> **Exercise data**:
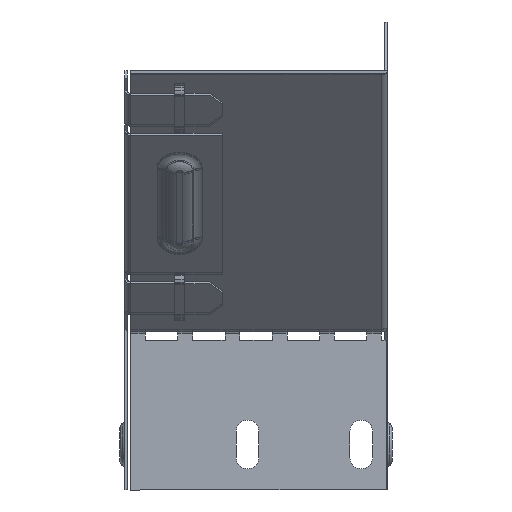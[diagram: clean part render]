
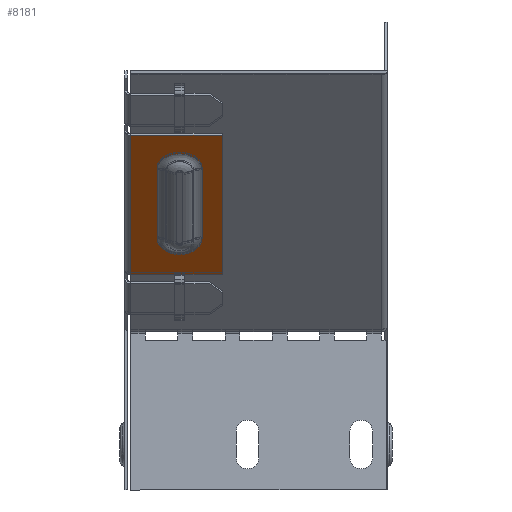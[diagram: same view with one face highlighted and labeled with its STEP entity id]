
A CAD part, left-side view. The second image highlights one B-rep face of the part: STEP entity #8181.
In plain terms, the highlighted planar face has unit normal (-0.707, 0, -0.707).
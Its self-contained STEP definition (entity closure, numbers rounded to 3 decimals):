
#33 = LINE ( 'NONE', #13120, #8216 ) ;
#248 = VECTOR ( 'NONE', #15101, 1000. ) ;
#595 = ORIENTED_EDGE ( 'NONE', *, *, #19110, .F. ) ;
#786 = AXIS2_PLACEMENT_3D ( 'NONE', #7668, #15906, #968 ) ;
#968 = DIRECTION ( 'NONE',  ( 0.707, 0., -0.707 ) ) ;
#1656 = ORIENTED_EDGE ( 'NONE', *, *, #17257, .T. ) ;
#1669 = CARTESIAN_POINT ( 'NONE',  ( -104.993, 56.183, -66.685 ) ) ;
#1769 = EDGE_CURVE ( 'NONE', #19735, #10672, #10214, .T. ) ;
#1775 = ORIENTED_EDGE ( 'NONE', *, *, #4841, .T. ) ;
#2011 = VERTEX_POINT ( 'NONE', #21163 ) ;
#2176 = EDGE_CURVE ( 'NONE', #10672, #21002, #16979, .T. ) ;
#2306 = EDGE_LOOP ( 'NONE', ( #595, #5164, #1656, #3184 ) ) ;
#2855 = VERTEX_POINT ( 'NONE', #17559 ) ;
#3075 = CARTESIAN_POINT ( 'NONE',  ( -104.993, 63.1, -66.685 ) ) ;
#3184 = ORIENTED_EDGE ( 'NONE', *, *, #11441, .T. ) ;
#3188 = DIRECTION ( 'NONE',  ( -0.707, 0., 0.707 ) ) ;
#4337 = CARTESIAN_POINT ( 'NONE',  ( -126.206, 63.1, -45.472 ) ) ;
#4418 = DIRECTION ( 'NONE',  ( 0.707, 0., 0.707 ) ) ;
#4790 = DIRECTION ( 'NONE',  ( 0., -1., 0. ) ) ;
#4796 = FACE_OUTER_BOUND ( 'NONE', #2306, .T. ) ;
#4841 = EDGE_CURVE ( 'NONE', #21002, #19188, #9408, .T. ) ;
#5164 = ORIENTED_EDGE ( 'NONE', *, *, #21807, .T. ) ;
#5758 = PLANE ( 'NONE',  #786 ) ;
#6088 = CARTESIAN_POINT ( 'NONE',  ( -94.022, 50., -77.656 ) ) ;
#6391 = VECTOR ( 'NONE', #3188, 1000. ) ;
#7668 = CARTESIAN_POINT ( 'NONE',  ( -78.337, 80., -93.341 ) ) ;
#7690 = CARTESIAN_POINT ( 'NONE',  ( -136.823, 50., -34.855 ) ) ;
#7726 = LINE ( 'NONE', #7690, #19054 ) ;
#7738 = CARTESIAN_POINT ( 'NONE',  ( -104.993, 70.017, -66.685 ) ) ;
#8151 = CIRCLE ( 'NONE', #8288, 6.917 ) ;
#8181 = ADVANCED_FACE ( 'NONE', ( #14025, #4796 ), #5758, .F. ) ;
#8216 = VECTOR ( 'NONE', #4790, 1000. ) ;
#8288 = AXIS2_PLACEMENT_3D ( 'NONE', #3075, #19883, #13099 ) ;
#8459 = CARTESIAN_POINT ( 'NONE',  ( -153.087, 78.2, -18.591 ) ) ;
#8496 = CARTESIAN_POINT ( 'NONE',  ( -78.337, 50., -93.341 ) ) ;
#9408 = LINE ( 'NONE', #1669, #15442 ) ;
#10214 = LINE ( 'NONE', #21780, #17543 ) ;
#10672 = VERTEX_POINT ( 'NONE', #14201 ) ;
#11078 = DIRECTION ( 'NONE',  ( 0., 1., 0. ) ) ;
#11178 = VERTEX_POINT ( 'NONE', #6088 ) ;
#11441 = EDGE_CURVE ( 'NONE', #13639, #2855, #7726, .T. ) ;
#11850 = DIRECTION ( 'NONE',  ( 0.707, 0., -0.707 ) ) ;
#12253 = CARTESIAN_POINT ( 'NONE',  ( -104.993, 56.183, -66.685 ) ) ;
#12825 = DIRECTION ( 'NONE',  ( 0.5, -0.707, -0.5 ) ) ;
#13099 = DIRECTION ( 'NONE',  ( 0.5, -0.707, -0.5 ) ) ;
#13120 = CARTESIAN_POINT ( 'NONE',  ( -94.022, 50., -77.656 ) ) ;
#13127 = AXIS2_PLACEMENT_3D ( 'NONE', #4337, #4418, #12825 ) ;
#13639 = VERTEX_POINT ( 'NONE', #14788 ) ;
#14025 = FACE_BOUND ( 'NONE', #16820, .T. ) ;
#14201 = CARTESIAN_POINT ( 'NONE',  ( -126.206, 70.017, -45.472 ) ) ;
#14788 = CARTESIAN_POINT ( 'NONE',  ( -136.823, 50., -34.855 ) ) ;
#14871 = ORIENTED_EDGE ( 'NONE', *, *, #15705, .T. ) ;
#15101 = DIRECTION ( 'NONE',  ( -0.707, 0., 0.707 ) ) ;
#15442 = VECTOR ( 'NONE', #11850, 1000. ) ;
#15705 = EDGE_CURVE ( 'NONE', #19188, #19735, #8151, .T. ) ;
#15906 = DIRECTION ( 'NONE',  ( 0.707, 0., 0.707 ) ) ;
#16127 = ORIENTED_EDGE ( 'NONE', *, *, #1769, .T. ) ;
#16454 = ORIENTED_EDGE ( 'NONE', *, *, #2176, .T. ) ;
#16820 = EDGE_LOOP ( 'NONE', ( #1775, #14871, #16127, #16454 ) ) ;
#16979 = CIRCLE ( 'NONE', #13127, 6.917 ) ;
#17082 = DIRECTION ( 'NONE',  ( -0.707, 0., 0.707 ) ) ;
#17257 = EDGE_CURVE ( 'NONE', #11178, #13639, #21058, .T. ) ;
#17543 = VECTOR ( 'NONE', #17082, 1000. ) ;
#17559 = CARTESIAN_POINT ( 'NONE',  ( -136.823, 78.2, -34.855 ) ) ;
#19054 = VECTOR ( 'NONE', #11078, 1000. ) ;
#19110 = EDGE_CURVE ( 'NONE', #2011, #2855, #21115, .T. ) ;
#19188 = VERTEX_POINT ( 'NONE', #12253 ) ;
#19735 = VERTEX_POINT ( 'NONE', #7738 ) ;
#19883 = DIRECTION ( 'NONE',  ( 0.707, 0., 0.707 ) ) ;
#21002 = VERTEX_POINT ( 'NONE', #21836 ) ;
#21058 = LINE ( 'NONE', #8496, #248 ) ;
#21115 = LINE ( 'NONE', #8459, #6391 ) ;
#21163 = CARTESIAN_POINT ( 'NONE',  ( -94.022, 78.2, -77.656 ) ) ;
#21780 = CARTESIAN_POINT ( 'NONE',  ( -104.993, 70.017, -66.685 ) ) ;
#21807 = EDGE_CURVE ( 'NONE', #2011, #11178, #33, .T. ) ;
#21836 = CARTESIAN_POINT ( 'NONE',  ( -126.206, 56.183, -45.472 ) ) ;

> **What is expected**: Emit the lines of the material exactly, from its first line to the line containing "#786 = AXIS2_PLACEMENT_3D", inclusive; leave every picture out.

> **Output of the exercise**:
[diagram: clean part render]
[diagram: same view with one face highlighted and labeled with its STEP entity id]
A CAD part, left-side view. The second image highlights one B-rep face of the part: STEP entity #8181.
In plain terms, the highlighted planar face has unit normal (-0.707, 0, -0.707).
Its self-contained STEP definition (entity closure, numbers rounded to 3 decimals):
#33 = LINE ( 'NONE', #13120, #8216 ) ;
#248 = VECTOR ( 'NONE', #15101, 1000. ) ;
#595 = ORIENTED_EDGE ( 'NONE', *, *, #19110, .F. ) ;
#786 = AXIS2_PLACEMENT_3D ( 'NONE', #7668, #15906, #968 ) ;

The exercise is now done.